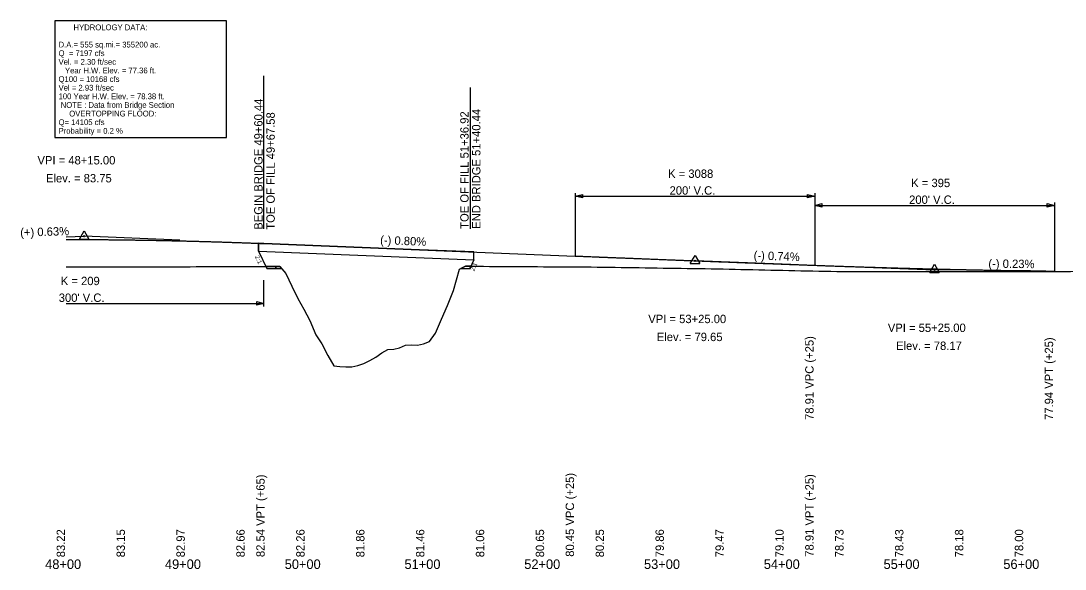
# Model space of a CAD drawing. Extents: x -3336 to 3318, y -3606 to 6276.
# Drawn here: x -38 to 834, y 641 to 1099 of the extents above; entities that cross this region are included whole.
import ezdxf

# ---------------------------------------------------------------- set-up
doc = ezdxf.new("R2010")
doc.units = 0
for name, color, linetype in [('RD_DDB_GradeTX', 7, 'Continuous'), ('RD_DDB_Profile_EX', 7, 'Continuous'), ('RD_DDB_Profile_Lbl', 7, 'Continuous'), ('RD_DDB_Profile_PR', 7, 'Continuous'), ('RD_DDB_StaTX', 7, 'Continuous'), ('RD_DDB_StripGrade', 7, 'Continuous'), ('RD_DDB_VCLbl', 7, 'Continuous'), ('RD_HC_Data', 7, 'Continuous'), ('RD_TX_Drainage', 7, 'Continuous'), ('RD_TX_Profile', 7, 'Continuous'), ('RD_XS_TieSlope', 7, 'Continuous')]:
    doc.layers.add(name, color=color, linetype=linetype)

msp = doc.modelspace()

# ---------------------------------------------------------------- linework, layer by layer
at = {"layer": 'RD_DDB_GradeTX'}
for p, q in [((0, 918.28), (15, 918.75)), ((94.94, 915.54), (15, 918.75)), ((445.06, 901.46), (525, 898.25)), ((604.95, 895.3), (525, 898.25)), ((645.05, 893.81), (725, 890.86)), ((804.99, 889.93), (725, 890.86))]:
    msp.add_line(p, q, dxfattribs=at)
at = {"layer": 'RD_DDB_Profile_EX'}
for points in [[(0, 893.33), (3.38, 893.33), (8.38, 893.32), (13.38, 893.32), (18.38, 893.31), (23.38, 893.31), (28.38, 893.31), (33.38, 893.31), (38.38, 893.3), (43.38, 893.3), (48.38, 893.29), (53.38, 893.29), (58.38, 893.29), (63.38, 893.29), (68.38, 893.28), (73.38, 893.28), (78.38, 893.28), (83.38, 893.32), (88.38, 893.34), (93.38, 893.35), (98.38, 893.37), (103.38, 893.38), (108.38, 893.42), (113.38, 893.44), (118.38, 893.45), (123.38, 893.47), (128.38, 893.48), (133.38, 893.52), (138.38, 893.54), (143.38, 893.55), (148.38, 893.57), (153.38, 893.58), (158.38, 893.61), (163.38, 893.63), (168.38, 893.64), (173.38, 893.66), (178.38, 893.67), (183.38, 887.6), (188.38, 877.22), (193.38, 866.83), (198.38, 857.78), (203.38, 848.42), (208.38, 836.44), (213.38, 828.96), (218.38, 819.11), (223.38, 810.74), (228.38, 810), (233.38, 809.76), (238.38, 809.76), (243.38, 810.86), (248.38, 812.66), (253.38, 815.13), (258.38, 817.97), (263.38, 821.43), (268.38, 824.23), (273.38, 824.42), (278.38, 825.62), (283.38, 827.82), (288.38, 828.22), (293.38, 827.98), (298.38, 829.06), (303.38, 830.78), (308.38, 837.88), (313.38, 849.45), (318.38, 861.01), (323.38, 873.51), (328.38, 891.43), (333.38, 893.78), (338.38, 893.75), (343.38, 893.72), (348.38, 893.69), (353.38, 893.66), (358.38, 893.63), (363.38, 893.6), (368.38, 893.57), (373.38, 893.54), (378.38, 893.51), (383.38, 893.48), (388.38, 893.45), (393.38, 893.42), (398.38, 893.39), (403.38, 893.36), (408.38, 893.33), (413.38, 893.3), (418.38, 893.27), (423.38, 893.24), (428.38, 893.21), (433.38, 893.18), (438.38, 893.15), (443.38, 893.11), (448.38, 893.03), (453.38, 892.96), (458.38, 892.88), (463.38, 892.81), (468.38, 892.73), (473.38, 892.65), (478.38, 892.57), (483.38, 892.5), (488.38, 892.42), (493.38, 892.34), (498.38, 892.26)], [(498.38, 892.26), (503.38, 892.19), (508.38, 892.11), (513.38, 892.04), (518.38, 891.96), (523.38, 891.88), (528.38, 891.81), (533.38, 891.73), (538.38, 891.66), (543.38, 891.58), (548.38, 891.48), (553.38, 891.36), (558.38, 891.25), (563.38, 891.14), (568.38, 891.03), (573.38, 890.92), (578.38, 890.81), (583.38, 890.7), (588.38, 890.59), (593.38, 890.48), (598.38, 890.38), (603.38, 890.27), (608.38, 890.15), (613.38, 890.04), (618.38, 889.94), (623.38, 889.83), (628.38, 889.72), (633.38, 889.61), (638.38, 889.5), (643.38, 889.4), (648.38, 889.31), (653.38, 889.31), (658.38, 889.31), (663.38, 889.3), (668.38, 889.3), (673.38, 889.28), (678.38, 889.28), (683.38, 889.28), (688.38, 889.28), (693.38, 889.28), (698.38, 889.27), (703.38, 889.27), (708.38, 889.26), (713.38, 889.26), (718.38, 889.26), (723.38, 889.26), (728.38, 889.26), (733.38, 889.26), (738.38, 889.26), (743.38, 889.26), (748.38, 889.26), (753.38, 889.27), (758.38, 889.27), (763.38, 889.28), (768.38, 889.29), (773.38, 889.3), (778.38, 889.3), (783.38, 889.31), (788.38, 889.32), (793.38, 889.32), (798.38, 889.33), (803.38, 889.34), (808.38, 889.35), (813.38, 889.35), (818.38, 889.36), (823.38, 889.37), (828.38, 889.37), (833.38, 889.38), (838.38, 889.39)]]:
    msp.add_lwpolyline(points, dxfattribs=at)
at = {"layer": 'RD_DDB_Profile_PR'}
for p, q in [((160.44, 906.25), (160.44, 912.9)), ((165, 912.72), (425, 902.27)), ((160.44, 906.25), (340.44, 899.01)), ((340.44, 899.01), (340.44, 905.67)), ((825, 889.69), (850, 889.4))]:
    msp.add_line(p, q, dxfattribs=at)
msp.add_lwpolyline([(340.44, 899.01), (340.44, 905.67), (295, 907.5), (165, 912.72), (160.44, 912.9), (160.44, 906.25)], close=True, dxfattribs=at)
for points in [[(0, 916.1), (3.3, 916.1), (6.6, 916.09), (9.9, 916.08), (13.2, 916.07), (16.5, 916.06), (19.8, 916.04), (23.1, 916.02), (26.4, 916), (29.7, 915.97), (33, 915.95), (36.3, 915.92), (39.6, 915.88), (42.9, 915.85), (46.2, 915.81), (49.5, 915.77), (52.8, 915.73), (56.1, 915.68), (59.4, 915.63), (62.7, 915.58), (66, 915.53), (69.3, 915.47), (72.6, 915.41), (75.9, 915.35), (79.2, 915.29), (82.5, 915.22), (85.8, 915.15), (89.1, 915.08), (92.4, 915.01), (95.7, 914.93), (99, 914.85), (102.3, 914.77), (105.6, 914.69), (108.9, 914.6), (112.2, 914.51), (115.5, 914.42), (118.8, 914.32), (122.1, 914.23), (125.4, 914.13), (128.7, 914.02), (132, 913.92), (135.3, 913.81), (138.6, 913.7), (141.9, 913.59), (145.2, 913.47), (148.5, 913.35), (151.8, 913.23), (155.1, 913.11), (158.4, 912.98), (161.7, 912.85), (165, 912.72)], [(425, 902.27), (429, 902.11), (433, 901.95), (437, 901.79), (441, 901.63), (445, 901.47), (449, 901.31), (453, 901.15), (457, 900.99), (461, 900.83), (465, 900.67), (469, 900.52), (473, 900.36), (477, 900.2), (481, 900.04), (485, 899.89), (489, 899.73), (493, 899.57), (497, 899.42), (501, 899.26), (505, 899.11), (509, 898.95), (513, 898.8), (517, 898.64), (521, 898.49), (525, 898.33), (529, 898.18), (533, 898.02), (537, 897.87), (541, 897.72), (545, 897.56), (549, 897.41), (553, 897.26), (557, 897.1), (561, 896.95), (565, 896.8), (569, 896.65), (573, 896.5), (577, 896.35), (581, 896.2), (585, 896.05), (589, 895.9), (593, 895.75), (597, 895.6), (601, 895.45), (605, 895.3), (609, 895.15), (613, 895), (617, 894.85), (621, 894.7), (625, 894.55)], [(625, 894.55), (629, 894.41), (633, 894.26), (637, 894.12), (641, 893.98), (645, 893.84), (649, 893.7), (653, 893.57), (657, 893.44), (661, 893.31), (665, 893.18), (669, 893.05), (673, 892.93), (677, 892.8), (681, 892.68), (685, 892.56), (689, 892.45), (693, 892.33), (697, 892.22), (701, 892.11), (705, 892), (709, 891.9), (713, 891.79), (717, 891.69), (721, 891.59), (725, 891.49), (729, 891.39), (733, 891.3), (737, 891.21), (741, 891.12), (745, 891.03), (749, 890.94), (753, 890.86), (757, 890.78), (761, 890.7), (765, 890.62), (769, 890.54), (773, 890.47), (777, 890.4), (781, 890.33), (785, 890.26), (789, 890.19), (793, 890.13), (797, 890.07), (801, 890.01), (805, 889.95), (809, 889.89), (813, 889.84), (817, 889.79), (821, 889.74), (825, 889.69)]]:
    msp.add_spline(points, degree=3, dxfattribs=at)
at = {"layer": 'RD_DDB_StripGrade'}
for p, q in [((164.87, 925), (164.87, 1052.65)), ((337.45, 925), (337.45, 1043.06)), ((166.76, 893.64), (167.58, 892)), ((167.58, 892), (175, 892)), ((175, 892), (175, 893.66)), ((175, 893.66), (175, 892)), ((175, 892), (179.76, 892)), ((333.38, 893.78), (329.58, 892)), ((329.58, 892), (336.92, 892)), ((337.81, 893.76), (333.38, 893.78)), ((336.92, 892), (337.81, 893.76))]:
    msp.add_line(p, q, dxfattribs=at)
for points in [[(175, 893.66), (173.38, 893.66), (168.38, 893.64), (166.76, 893.64)], [(179.76, 892), (178.38, 893.67), (175, 893.66)]]:
    msp.add_lwpolyline(points, dxfattribs=at)
at = {"layer": 'RD_DDB_VCLbl'}
for p, q in [((425, 954.77), (425, 902.27)), ((425, 952.27), (625, 952.27)), ((625, 954.77), (625, 894.55)), ((625, 947.05), (625, 894.55)), ((625, 944.55), (825, 944.55)), ((825, 947.05), (825, 889.69)), ((165, 860.22), (165, 882.21)), ((0, 862.72), (165, 862.72))]:
    msp.add_line(p, q, dxfattribs=at)
at = {"layer": 'RD_HC_Data'}
for p, q in [((11.03, 916.46), (15, 923.34)), ((11.03, 916.46), (18.97, 916.46)), ((15, 923.34), (18.97, 916.46)), ((521.03, 895.96), (525, 902.84)), ((525, 902.84), (528.97, 895.96)), ((521.03, 895.96), (528.97, 895.96)), ((721.03, 888.57), (725, 895.45)), ((725, 895.45), (728.97, 888.57)), ((721.03, 888.57), (728.97, 888.57))]:
    msp.add_line(p, q, dxfattribs=at)
for centre in [(15, 918.75), (525, 898.25), (725, 890.86)]:
    msp.add_circle(centre, 0.529, dxfattribs=at)
at = {"layer": 'RD_TX_Drainage'}
for points in [[(431, 950.77), (425, 952.27), (431, 953.77)], [(619, 953.77), (625, 952.27), (619, 950.77)], [(631, 943.05), (625, 944.55), (631, 946.05)], [(819, 946.05), (825, 944.55), (819, 943.05)], [(159, 864.22), (165, 862.72), (159, 861.22)]]:
    msp.add_lwpolyline(points, close=True, dxfattribs=at)
at = {"layer": 'RD_TX_Profile'}
msp.add_lwpolyline([(-9.41, 1001.34), (133.76, 1001.34), (133.76, 1098.59), (-9.41, 1098.59)], close=True, dxfattribs=at)
at = {"layer": 'RD_XS_TieSlope'}
for p, q in [((160.44, 906.25), (167.58, 892)), ((340.44, 899.01), (336.92, 892))]:
    msp.add_line(p, q, dxfattribs=at)

# ---------------------------------------------------------------- texts
at = {"layer": 'RD_DDB_GradeTX'}
for s, rotation, p in [('(+) 0.63%', 1.80292, (-38.33, 918.41)), ('(-) 0.80%', 357.69817, (261.98, 912.27)), ('(-) 0.74%', 357.88343, (573.83, 899.47)), ('(-) 0.23%', 359.33154, (769.89, 892.54))]:
    msp.add_text(s, height=7, rotation=rotation, dxfattribs=at).set_placement(p)
at = {"layer": 'RD_DDB_Profile_Lbl'}
for s, p in [('VPI = 48+15.00', (-24.03, 978.75)), ('Elev. = 83.75', (-16.92, 963.75)), ('VPI = 53+25.00', (485.97, 846.25)), ('VPI = 55+25.00', (685.97, 838.86)), ('Elev. = 79.65', (493.08, 831.25)), ('Elev. = 78.17', (692.88, 823.86))]:
    msp.add_text(s, height=7, dxfattribs=at).set_placement(p)
at = {"layer": 'RD_DDB_StaTX'}
for s, p in [('48+00', (-17.59, 641)), ('49+00', (82.41, 641)), ('50+00', (182.41, 641)), ('51+00', (282.41, 641)), ('52+00', (382.41, 641)), ('53+00', (482.41, 641)), ('54+00', (582.41, 641)), ('55+00', (682.41, 641)), ('56+00', (782.41, 641))]:
    msp.add_text(s, height=8, dxfattribs=at).set_placement(p)
at = {"layer": 'RD_DDB_StripGrade'}
for s, p in [('BEGIN BRIDGE 49+60.44', (163.93, 924.22)), ('TOE OF FILL 49+67.58', (174.1, 924.22)), ('TOE OF FILL 51+36.92', (335.98, 925)), ('END BRIDGE 51+40.44', (345.82, 925)), ('78.91 VPC (+25)', (624, 765.42)), ('77.94 VPT (+25)', (824, 765.42)), ('82.54 VPT (+65)', (165.68, 650.92)), ('80.45 VPC (+25)', (424, 651.21)), ('78.91 VPT (+25)', (624, 651.21)), ('83.22', (-1, 650.75)), ('83.15', (49, 650.75)), ('82.97', (99, 650.75)), ('82.66', (149, 650.75)), ('82.26', (199, 650.75)), ('81.86', (249, 650.75)), ('81.46', (299, 650.75)), ('81.06', (349, 650.75)), ('80.65', (399, 650.75)), ('80.25', (449, 650.75)), ('79.86', (499, 650.75)), ('79.47', (549, 650.75)), ('79.10', (599, 650.75)), ('78.73', (649, 650.75)), ('78.43', (699, 650.75)), ('78.18', (749, 650.75)), ('78.00', (799, 650.75))]:
    msp.add_text(s, height=7, rotation=90, dxfattribs=at).set_placement(p)
at = {"layer": 'RD_DDB_VCLbl'}
for s, p in [('K = 3088', (502.5, 967.52)), ("200' V.C.", (503.75, 953.52)), ('K = 395', (705.48, 959.8)), ("200' V.C.", (703.75, 945.8)), ('K = 209', (-4.56, 877.97)), ("300' V.C.", (-6.25, 863.97))]:
    msp.add_text(s, height=7, dxfattribs=at).set_placement(p)
for rotation, p in [(293.62274, (157.48, 901.79)), (66.37726, (340.52, 889.34))]:
    msp.add_text('2:1', height=3.72, rotation=rotation, dxfattribs=at).set_placement(p)
at = {"layer": 'RD_TX_Profile'}
for s, p in [('       HYDROLOGY DATA:', (-6.41, 1090.79)), ('D.A.= 555 sq.mi.= 355200 ac.', (-6.41, 1076.39)), ('Q  = 7197 cfs', (-6.41, 1069.19)), ('Vel. = 2.30 ft/sec', (-6.41, 1061.99)), ('   Year H.W. Elev. = 77.36 ft.', (-6.41, 1054.79)), ('Q100 = 10168 cfs', (-6.41, 1047.59)), ('Vel = 2.93 ft/sec', (-6.41, 1040.39)), ('100 Year H.W. Elev. = 78.38 ft.', (-6.41, 1033.19)), (' NOTE : Data from Bridge Section', (-6.41, 1025.99)), ('     OVERTOPPING FLOOD:', (-6.41, 1018.79)), ('Q= 14105 cfs', (-6.41, 1011.59)), ('Probability = 0.2 %', (-6.41, 1004.39))]:
    msp.add_text(s, height=4.8, dxfattribs=at).set_placement(p)

doc.saveas('drawing.dxf')

· · · ·

EXERCISE DESCRIPTION. Return every line in the records that includes the string "close".

SOLUTION TO THIS TASK.
msp.add_lwpolyline([(340.44, 899.01), (340.44, 905.67), (295, 907.5), (165, 912.72), (160.44, 912.9), (160.44, 906.25)], close=True, dxfattribs=at)
    msp.add_lwpolyline(points, close=True, dxfattribs=at)
msp.add_lwpolyline([(-9.41, 1001.34), (133.76, 1001.34), (133.76, 1098.59), (-9.41, 1098.59)], close=True, dxfattribs=at)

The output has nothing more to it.